■ Assignment: Determine the count of lines in the data below that include the word "FITTING", and give nothing besides it.

Supplied data START

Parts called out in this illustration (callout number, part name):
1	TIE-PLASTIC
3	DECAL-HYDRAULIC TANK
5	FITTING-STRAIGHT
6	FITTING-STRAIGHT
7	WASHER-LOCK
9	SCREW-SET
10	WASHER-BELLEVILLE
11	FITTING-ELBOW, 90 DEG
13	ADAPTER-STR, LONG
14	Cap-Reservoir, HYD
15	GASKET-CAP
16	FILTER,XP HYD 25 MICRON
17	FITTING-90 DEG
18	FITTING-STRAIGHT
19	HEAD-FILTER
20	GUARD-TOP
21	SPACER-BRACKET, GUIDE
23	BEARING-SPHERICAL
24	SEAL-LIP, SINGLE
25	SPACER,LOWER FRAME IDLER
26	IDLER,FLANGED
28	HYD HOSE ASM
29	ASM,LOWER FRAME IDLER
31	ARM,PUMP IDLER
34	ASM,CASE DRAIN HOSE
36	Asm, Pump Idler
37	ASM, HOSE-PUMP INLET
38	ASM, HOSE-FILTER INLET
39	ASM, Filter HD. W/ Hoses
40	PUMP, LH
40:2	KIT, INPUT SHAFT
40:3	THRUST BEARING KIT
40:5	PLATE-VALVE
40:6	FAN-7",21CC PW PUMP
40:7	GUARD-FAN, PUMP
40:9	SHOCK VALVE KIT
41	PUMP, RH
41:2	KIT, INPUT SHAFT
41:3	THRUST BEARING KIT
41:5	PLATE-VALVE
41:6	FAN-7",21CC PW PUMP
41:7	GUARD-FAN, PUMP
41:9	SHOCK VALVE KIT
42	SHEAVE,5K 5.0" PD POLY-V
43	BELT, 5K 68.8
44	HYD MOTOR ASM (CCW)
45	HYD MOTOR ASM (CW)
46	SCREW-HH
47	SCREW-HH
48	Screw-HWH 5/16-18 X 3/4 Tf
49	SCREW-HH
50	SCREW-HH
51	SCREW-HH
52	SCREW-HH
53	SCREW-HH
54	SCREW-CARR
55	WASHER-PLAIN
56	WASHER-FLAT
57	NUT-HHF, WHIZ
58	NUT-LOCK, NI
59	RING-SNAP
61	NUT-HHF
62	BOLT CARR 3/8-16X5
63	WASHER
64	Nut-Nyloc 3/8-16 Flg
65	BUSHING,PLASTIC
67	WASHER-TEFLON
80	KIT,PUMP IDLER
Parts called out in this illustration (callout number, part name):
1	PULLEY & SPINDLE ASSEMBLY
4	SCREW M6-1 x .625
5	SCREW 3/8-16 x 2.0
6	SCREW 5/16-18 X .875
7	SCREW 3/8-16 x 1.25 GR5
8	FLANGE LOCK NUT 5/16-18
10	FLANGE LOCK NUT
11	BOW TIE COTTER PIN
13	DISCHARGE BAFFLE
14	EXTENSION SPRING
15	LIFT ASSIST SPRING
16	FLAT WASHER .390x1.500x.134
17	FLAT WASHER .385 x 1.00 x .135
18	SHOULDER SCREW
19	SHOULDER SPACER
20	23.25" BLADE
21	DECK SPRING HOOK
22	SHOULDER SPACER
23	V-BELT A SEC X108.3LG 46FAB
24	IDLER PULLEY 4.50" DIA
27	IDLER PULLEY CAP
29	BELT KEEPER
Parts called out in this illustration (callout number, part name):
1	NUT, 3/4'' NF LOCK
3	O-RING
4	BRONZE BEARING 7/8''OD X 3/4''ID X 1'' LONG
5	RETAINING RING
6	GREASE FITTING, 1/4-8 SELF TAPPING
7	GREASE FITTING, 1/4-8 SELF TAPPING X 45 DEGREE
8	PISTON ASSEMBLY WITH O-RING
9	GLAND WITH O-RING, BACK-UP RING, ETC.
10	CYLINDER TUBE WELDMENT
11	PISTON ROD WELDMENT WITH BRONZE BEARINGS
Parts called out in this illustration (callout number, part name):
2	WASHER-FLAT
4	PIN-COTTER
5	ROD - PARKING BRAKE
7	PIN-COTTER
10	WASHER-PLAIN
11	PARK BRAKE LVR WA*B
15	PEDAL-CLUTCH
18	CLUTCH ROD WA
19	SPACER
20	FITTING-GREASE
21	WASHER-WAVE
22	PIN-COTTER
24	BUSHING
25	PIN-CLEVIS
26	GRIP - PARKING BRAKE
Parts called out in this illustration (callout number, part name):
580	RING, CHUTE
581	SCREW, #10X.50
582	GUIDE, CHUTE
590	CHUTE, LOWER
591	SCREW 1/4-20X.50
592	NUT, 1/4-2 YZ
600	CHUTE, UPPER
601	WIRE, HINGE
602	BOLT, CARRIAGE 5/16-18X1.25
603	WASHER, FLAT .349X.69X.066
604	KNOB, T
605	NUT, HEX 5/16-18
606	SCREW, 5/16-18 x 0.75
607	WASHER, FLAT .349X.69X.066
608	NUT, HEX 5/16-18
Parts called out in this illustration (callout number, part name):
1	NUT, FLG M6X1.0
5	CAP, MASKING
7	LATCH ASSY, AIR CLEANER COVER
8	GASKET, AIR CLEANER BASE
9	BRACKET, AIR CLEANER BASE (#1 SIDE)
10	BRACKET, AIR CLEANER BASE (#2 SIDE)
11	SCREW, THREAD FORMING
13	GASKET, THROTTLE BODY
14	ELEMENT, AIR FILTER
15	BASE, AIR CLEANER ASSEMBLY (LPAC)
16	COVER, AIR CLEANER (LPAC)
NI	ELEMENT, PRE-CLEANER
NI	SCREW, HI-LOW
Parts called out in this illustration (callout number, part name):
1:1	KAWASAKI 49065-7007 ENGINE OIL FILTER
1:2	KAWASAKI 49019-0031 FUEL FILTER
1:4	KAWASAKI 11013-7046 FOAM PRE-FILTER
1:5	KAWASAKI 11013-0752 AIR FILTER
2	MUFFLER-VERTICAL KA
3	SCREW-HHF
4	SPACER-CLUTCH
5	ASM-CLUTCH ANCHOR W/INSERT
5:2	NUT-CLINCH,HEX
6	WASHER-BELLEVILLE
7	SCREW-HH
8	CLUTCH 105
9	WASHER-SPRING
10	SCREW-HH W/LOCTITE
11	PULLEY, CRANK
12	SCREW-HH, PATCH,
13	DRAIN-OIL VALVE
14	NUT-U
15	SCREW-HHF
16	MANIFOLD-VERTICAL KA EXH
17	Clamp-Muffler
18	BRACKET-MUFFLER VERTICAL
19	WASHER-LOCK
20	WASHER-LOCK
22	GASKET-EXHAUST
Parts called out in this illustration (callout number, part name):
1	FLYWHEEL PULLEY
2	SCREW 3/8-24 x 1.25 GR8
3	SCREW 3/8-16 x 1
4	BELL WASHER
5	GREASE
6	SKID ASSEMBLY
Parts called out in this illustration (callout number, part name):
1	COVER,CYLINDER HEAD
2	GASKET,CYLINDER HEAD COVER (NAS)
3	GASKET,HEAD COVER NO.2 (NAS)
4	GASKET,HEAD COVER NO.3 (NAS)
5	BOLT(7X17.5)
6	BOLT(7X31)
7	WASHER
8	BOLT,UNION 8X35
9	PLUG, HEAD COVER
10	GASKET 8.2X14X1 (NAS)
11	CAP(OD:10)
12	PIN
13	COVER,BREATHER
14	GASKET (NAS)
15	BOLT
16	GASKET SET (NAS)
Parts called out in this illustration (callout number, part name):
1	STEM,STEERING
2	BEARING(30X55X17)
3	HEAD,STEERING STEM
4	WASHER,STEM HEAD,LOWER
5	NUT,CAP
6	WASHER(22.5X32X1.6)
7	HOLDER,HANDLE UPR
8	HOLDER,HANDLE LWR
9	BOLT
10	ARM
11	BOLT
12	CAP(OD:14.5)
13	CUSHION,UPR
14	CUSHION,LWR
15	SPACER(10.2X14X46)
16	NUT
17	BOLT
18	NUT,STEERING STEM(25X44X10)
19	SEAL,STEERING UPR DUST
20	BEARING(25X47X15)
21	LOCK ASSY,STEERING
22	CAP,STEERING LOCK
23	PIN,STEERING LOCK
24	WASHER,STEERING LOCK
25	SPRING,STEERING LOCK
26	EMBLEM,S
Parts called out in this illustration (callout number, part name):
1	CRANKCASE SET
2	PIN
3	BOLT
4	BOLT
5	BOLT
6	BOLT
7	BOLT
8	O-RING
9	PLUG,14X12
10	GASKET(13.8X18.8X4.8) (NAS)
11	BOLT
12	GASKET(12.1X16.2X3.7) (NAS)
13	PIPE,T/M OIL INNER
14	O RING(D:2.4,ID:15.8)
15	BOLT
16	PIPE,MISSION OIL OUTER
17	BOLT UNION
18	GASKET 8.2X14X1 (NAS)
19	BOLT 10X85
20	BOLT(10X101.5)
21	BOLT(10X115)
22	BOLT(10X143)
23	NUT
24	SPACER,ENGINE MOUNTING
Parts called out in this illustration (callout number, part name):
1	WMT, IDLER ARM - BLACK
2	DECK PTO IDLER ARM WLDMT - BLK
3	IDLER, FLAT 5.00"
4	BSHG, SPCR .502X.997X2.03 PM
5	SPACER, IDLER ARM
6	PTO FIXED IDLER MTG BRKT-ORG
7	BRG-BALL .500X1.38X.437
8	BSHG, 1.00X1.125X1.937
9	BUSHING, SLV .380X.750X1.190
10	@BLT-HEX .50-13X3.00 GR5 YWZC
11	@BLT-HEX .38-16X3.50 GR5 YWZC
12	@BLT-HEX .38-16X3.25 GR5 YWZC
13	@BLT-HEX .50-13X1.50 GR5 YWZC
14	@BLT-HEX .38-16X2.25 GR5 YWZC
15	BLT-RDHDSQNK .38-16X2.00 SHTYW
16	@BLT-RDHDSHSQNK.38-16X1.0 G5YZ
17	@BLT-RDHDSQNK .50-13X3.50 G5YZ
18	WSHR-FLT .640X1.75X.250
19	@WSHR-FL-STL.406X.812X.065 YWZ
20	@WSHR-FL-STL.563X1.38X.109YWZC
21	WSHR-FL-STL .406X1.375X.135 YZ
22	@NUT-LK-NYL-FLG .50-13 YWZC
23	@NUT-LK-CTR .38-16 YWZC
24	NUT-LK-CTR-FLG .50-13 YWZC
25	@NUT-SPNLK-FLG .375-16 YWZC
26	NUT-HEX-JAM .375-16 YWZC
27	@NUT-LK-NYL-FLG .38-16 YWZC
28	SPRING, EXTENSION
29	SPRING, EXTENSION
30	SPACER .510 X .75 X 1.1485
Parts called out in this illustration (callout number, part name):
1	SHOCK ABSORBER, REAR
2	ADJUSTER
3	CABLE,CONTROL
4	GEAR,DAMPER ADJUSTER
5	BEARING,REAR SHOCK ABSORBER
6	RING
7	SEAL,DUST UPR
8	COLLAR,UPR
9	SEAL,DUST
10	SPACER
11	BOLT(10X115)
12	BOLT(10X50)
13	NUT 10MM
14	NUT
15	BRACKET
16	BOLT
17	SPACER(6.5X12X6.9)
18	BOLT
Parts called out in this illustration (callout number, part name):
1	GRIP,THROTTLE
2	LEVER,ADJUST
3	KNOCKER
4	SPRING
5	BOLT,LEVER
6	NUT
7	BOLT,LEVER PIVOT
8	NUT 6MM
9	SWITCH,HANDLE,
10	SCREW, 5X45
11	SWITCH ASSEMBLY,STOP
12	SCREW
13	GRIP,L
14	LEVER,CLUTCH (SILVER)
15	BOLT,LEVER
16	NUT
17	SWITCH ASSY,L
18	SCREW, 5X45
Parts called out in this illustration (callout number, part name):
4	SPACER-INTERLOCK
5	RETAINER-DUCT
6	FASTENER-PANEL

Supplied data END

■ Solution: 8